**PROBLEM REQUIREMENTS**
Using the data below, copy out all lines with the word "drawing".

Source data:
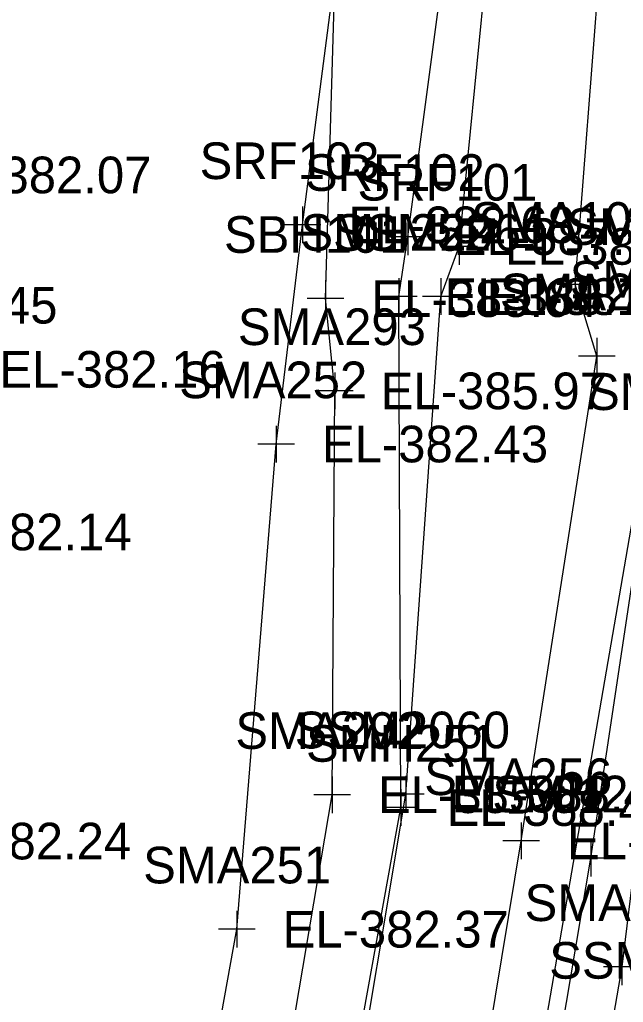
# Model space of a CAD drawing. Extents: x 1189978 to 1314812, y 571533 to 629339.
# Drawn here: x 1217356.4 to 1217422.3, y 620863.2 to 620970.5 of the extents above; entities that cross this region are included whole.
import ezdxf

# ---------------------------------------------------------------- set-up
doc = ezdxf.new("R2010")
doc.units = 0
for name, color, linetype in [('SURVEY - DTM - Breaklines', 7, 'Continuous'), ('SURVEY - DTM - Breaklines - Points - Elevations', 7, 'Continuous'), ('SURVEY - DTM - Breaklines - Points - Locators', 7, 'Continuous'), ('SURVEY - DTM - Breaklines - Points - Numbers', 7, 'Continuous'), ('SURVEY - DTM - Spot Points - Elevations', 7, 'Continuous'), ('SURVEY - DTM - Spot Points - Point Numbers', 7, 'Continuous'), ('SURVEY - PROPERTY - ROW Lines', 7, 'Continuous'), ('SURVEY - VEGETATION - Features - Points - Elevations', 7, 'Continuous'), ('SURVEY - VEGETATION - Features - Points - Locators', 7, 'Continuous'), ('SURVEY - VEGETATION - Features - Points - Numbers', 7, 'Continuous'), ('SURVEY - VEGETATION - Features with Text', 7, 'Continuous')]:
    doc.layers.add(name, color=color, linetype=linetype)

msp = doc.modelspace()

# ---------------------------------------------------------------- linework, layer by layer
at = {"layer": 'SURVEY - DTM - Breaklines'}
for points in [[(1217387.16, 620695.14), (1217397.48, 620747.65), (1217407.02, 620809.24), (1217418.75, 620878.96), (1217427.19, 620935.15), (1217426.68, 620940.89), (1217441.48, 620996.6), (1217449.24, 621046.98), (1217458, 621101.08), (1217460.79, 621140.2), (1217471.39, 621192.44), (1217489.7, 621292.1), (1217492.93, 621335.46), (1217504.86, 621384.61), (1217513.97, 621433.22), (1217517.91, 621473.83), (1217528.68, 621518.7), (1217534.78, 621566.14), (1217543.47, 621612.64), (1217549.89, 621643.65), (1217551.17, 621685.8), (1217565.36, 621705.38)], [(1217398.8, 620946.79), (1217405.34, 620995.91), (1217410.89, 621050.86), (1217418.12, 621097.58), (1217423.86, 621144.35), (1217426.28, 621199), (1217430.59, 621247.05), (1217435.01, 621290.88), (1217442.51, 621342.08), (1217455.44, 621391.07), (1217470.2, 621442.44), (1217482.87, 621485.17), (1217496.79, 621527.97), (1217510.18, 621578.93), (1217519.33, 621644.77), (1217519.37, 621664.32), (1217455.59, 621688.45)], [(1217387.31, 620948.08), (1217393.6, 620996.48), (1217397.69, 621051.02), (1217403.2, 621099.03), (1217410.14, 621143.75), (1217412.38, 621196.49), (1217416.71, 621248.1), (1217421.59, 621292.12), (1217429.99, 621343.65), (1217442.32, 621394.91), (1217455.15, 621442.51), (1217467.64, 621488.57), (1217479.21, 621534.19), (1217491.95, 621583.57), (1217498.28, 621637.4), (1217497.56, 621661.82), (1217450.04, 621674.51)], [(1217404.37, 620945.73), (1217409.29, 620995.61), (1217415.07, 621049.98), (1217422.61, 621097.4), (1217429.09, 621144.29), (1217430.17, 621198.5), (1217433.95, 621246.84), (1217438.41, 621289.66), (1217446.58, 621340.92), (1217459.33, 621390.73), (1217473.56, 621442.32), (1217487.06, 621483.68), (1217501.25, 621526.42), (1217514.35, 621578.31), (1217528.78, 621645.15), (1217536.88, 621671.87)], [(1217417.03, 620941.56), (1217421.57, 621000.19), (1217426.89, 621049.03), (1217437.32, 621111.51), (1217443.48, 621144.62), (1217446.01, 621208.47), (1217448.82, 621241.55), (1217460.55, 621299.03), (1217464.84, 621340.35)], [(1217350.33, 620699.75), (1217360.97, 620759.72), (1217369.44, 620811.8), (1217380.12, 620871.2), (1217384.41, 620924.16), (1217387.31, 620948.08)], [(1217362.99, 620695.09), (1217370.53, 620744.12), (1217384.89, 620811.7), (1217398.03, 620884.48), (1217397.79, 620940.25), (1217398.8, 620946.79)], [(1217366.1, 620694.84), (1217376.18, 620744.22), (1217385.97, 620810.55), (1217398.58, 620885.95), (1217402.39, 620940.25), (1217404.37, 620945.73)], [(1217381.59, 620696.01), (1217390.03, 620749), (1217399.25, 620808.84), (1217411.16, 620880.84), (1217419.41, 620933.76), (1217417.03, 620941.56)]]:
    msp.add_lwpolyline(points, dxfattribs=at)
at = {"layer": 'SURVEY - DTM - Breaklines - Points - Locators'}
for p, q in [((1217387.31, 620950.08), (1217387.31, 620946.08)), ((1217389.31, 620948.08), (1217385.31, 620948.08)), ((1217398.8, 620948.79), (1217398.8, 620944.79)), ((1217404.37, 620947.73), (1217404.37, 620943.73)), ((1217400.8, 620946.79), (1217396.8, 620946.79)), ((1217406.37, 620945.73), (1217402.37, 620945.73)), ((1217417.03, 620943.56), (1217417.03, 620939.56)), ((1217397.79, 620942.25), (1217397.79, 620938.25)), ((1217402.39, 620942.25), (1217402.39, 620938.25)), ((1217419.03, 620941.56), (1217415.03, 620941.56)), ((1217399.79, 620940.25), (1217395.79, 620940.25)), ((1217404.39, 620940.25), (1217400.39, 620940.25)), ((1217419.41, 620935.76), (1217419.41, 620931.76)), ((1217421.41, 620933.76), (1217417.41, 620933.76)), ((1217384.41, 620926.16), (1217384.41, 620922.16)), ((1217386.41, 620924.16), (1217382.41, 620924.16)), ((1217398.58, 620887.95), (1217398.58, 620883.95)), ((1217400.58, 620885.95), (1217396.58, 620885.95)), ((1217398.03, 620886.48), (1217398.03, 620882.48)), ((1217400.03, 620884.48), (1217396.03, 620884.48)), ((1217411.16, 620882.84), (1217411.16, 620878.84)), ((1217413.16, 620880.84), (1217409.16, 620880.84)), ((1217418.75, 620880.96), (1217418.75, 620876.96)), ((1217420.75, 620878.96), (1217416.75, 620878.96)), ((1217380.12, 620873.2), (1217380.12, 620869.2)), ((1217382.12, 620871.2), (1217378.12, 620871.2))]:
    msp.add_line(p, q, dxfattribs=at)
at = {"layer": 'SURVEY - PROPERTY - ROW Lines'}
msp.add_line((1217385.46, 620696.53), (1217476.94, 621226.96), dxfattribs=at)
at = {"layer": 'SURVEY - VEGETATION - Features - Points - Locators'}
for p, q in [((1217389.81, 620942.03), (1217389.81, 620938.03)), ((1217391.81, 620940.03), (1217387.81, 620940.03)), ((1217390.83, 620931.96), (1217390.83, 620927.96)), ((1217392.83, 620929.96), (1217388.83, 620929.96)), ((1217390.53, 620887.88), (1217390.53, 620883.88)), ((1217392.53, 620885.88), (1217388.53, 620885.88)), ((1217422.13, 620869.09), (1217422.13, 620865.09)), ((1217424.13, 620867.09), (1217420.13, 620867.09))]:
    msp.add_line(p, q, dxfattribs=at)
at = {"layer": 'SURVEY - VEGETATION - Features with Text'}
for points in [[(1217389.81, 620940.03), (1217391.17, 620986.93), (1217395.55, 621035.23), (1217406.85, 621081.03), (1217411.05, 621130.02), (1217415.5, 621179.49), (1217417.45, 621231.25), (1217423.95, 621283.66), (1217431.12, 621334.93), (1217445.24, 621381.42), (1217454.29, 621426.66), (1217468.2, 621478.56), (1217483.94, 621529.19), (1217494.32, 621578.08), (1217503.06, 621624.42), (1217502.76, 621670.78), (1217560.76, 621675.93)], [(1217359.87, 620696.45), (1217367.47, 620745.62), (1217378.17, 620812.77), (1217390.53, 620885.88), (1217390.83, 620929.96), (1217389.81, 620940.03)], [(1217434.58, 620932.47), (1217428.92, 620922.87), (1217422.13, 620867.09), (1217412.48, 620811.15), (1217403.57, 620754.27), (1217391.67, 620695.08)]]:
    msp.add_lwpolyline(points, dxfattribs=at)

# ---------------------------------------------------------------- texts
at = {"layer": 'SURVEY - DTM - Breaklines - Points - Elevations'}
for s, p in [('EL-382.68', (1217392.31, 620946.08)), ('EL-387.79', (1217403.8, 620944.79)), ('EL-387.17', (1217409.37, 620943.73)), ('EL-388.18', (1217402.79, 620938.25)), ('EL-387.78', (1217407.39, 620938.25)), ('EL-382.43', (1217389.41, 620922.16)), ('EL-388.40', (1217403.58, 620883.95)), ('EL-388.49', (1217403.03, 620882.48)), ('EL-381.08', (1217416.16, 620878.84)), ('EL-382.37', (1217385.12, 620869.2))]:
    msp.add_text(s, height=4, dxfattribs=at).set_placement(p)
at = {"layer": 'SURVEY - DTM - Breaklines - Points - Numbers'}
for s, p in [('SRF103', (1217376.07, 620953.08)), ('SRF102', (1217387.56, 620951.79)), ('SRF101', (1217393.29, 620950.73)), ('SMA106', (1217405.68, 620946.56)), ('SMH252', (1217387.07, 620945.25)), ('SSM2061', (1217390.63, 620945.25)), ('SMA105', (1217416.08, 620945.89)), ('SMH257', (1217416.44, 620940.15)), ('SMA257', (1217408.82, 620938.76)), ('SMA252', (1217373.84, 620929.16)), ('SSM2060', (1217386.44, 620890.95)), ('SMH251', (1217387.68, 620889.48)), ('SMA256', (1217400.57, 620885.84)), ('SMH256', (1217408, 620883.96)), ('SMA251', (1217369.91, 620876.2)), ('SSM2054', (1217414.21, 620865.8))]:
    msp.add_text(s, height=4, dxfattribs=at).set_placement(p)
at = {"layer": 'SURVEY - DTM - Spot Points - Elevations'}
for s, p in [('EL-382.07', (1217346.13, 620951.53)), ('EL-382.16', (1217354.23, 620930.31)), ('EL-382.14', (1217343.97, 620912.56)), ('EL-382.24', (1217343.92, 620878.82))]:
    msp.add_text(s, height=4, dxfattribs=at).set_placement(p)
at = {"layer": 'SURVEY - DTM - Spot Points - Point Numbers'}
msp.add_text('SSM2045', height=4, dxfattribs=at).set_placement((1217337.07, 620937.31))
at = {"layer": 'SURVEY - VEGETATION - Features - Points - Elevations'}
for s, p in [('EL-383.64', (1217394.81, 620938.03)), ('EL-385.97', (1217395.83, 620927.96)), ('EL-385.61', (1217395.53, 620883.88))]:
    msp.add_text(s, height=4, dxfattribs=at).set_placement(p)
at = {"layer": 'SURVEY - VEGETATION - Features - Points - Numbers'}
for s, p in [('SBH101', (1217378.73, 620945.03)), ('SMA293', (1217380.24, 620934.96)), ('SMA284', (1217418.34, 620927.87)), ('SMA292', (1217379.97, 620890.88)), ('SMA285', (1217411.52, 620872.09))]:
    msp.add_text(s, height=4, dxfattribs=at).set_placement(p)

doc.saveas('drawing.dxf')

**RESULT BELOW**
# Model space of a CAD drawing. Extents: x 1189978 to 1314812, y 571533 to 629339.
doc.saveas('drawing.dxf')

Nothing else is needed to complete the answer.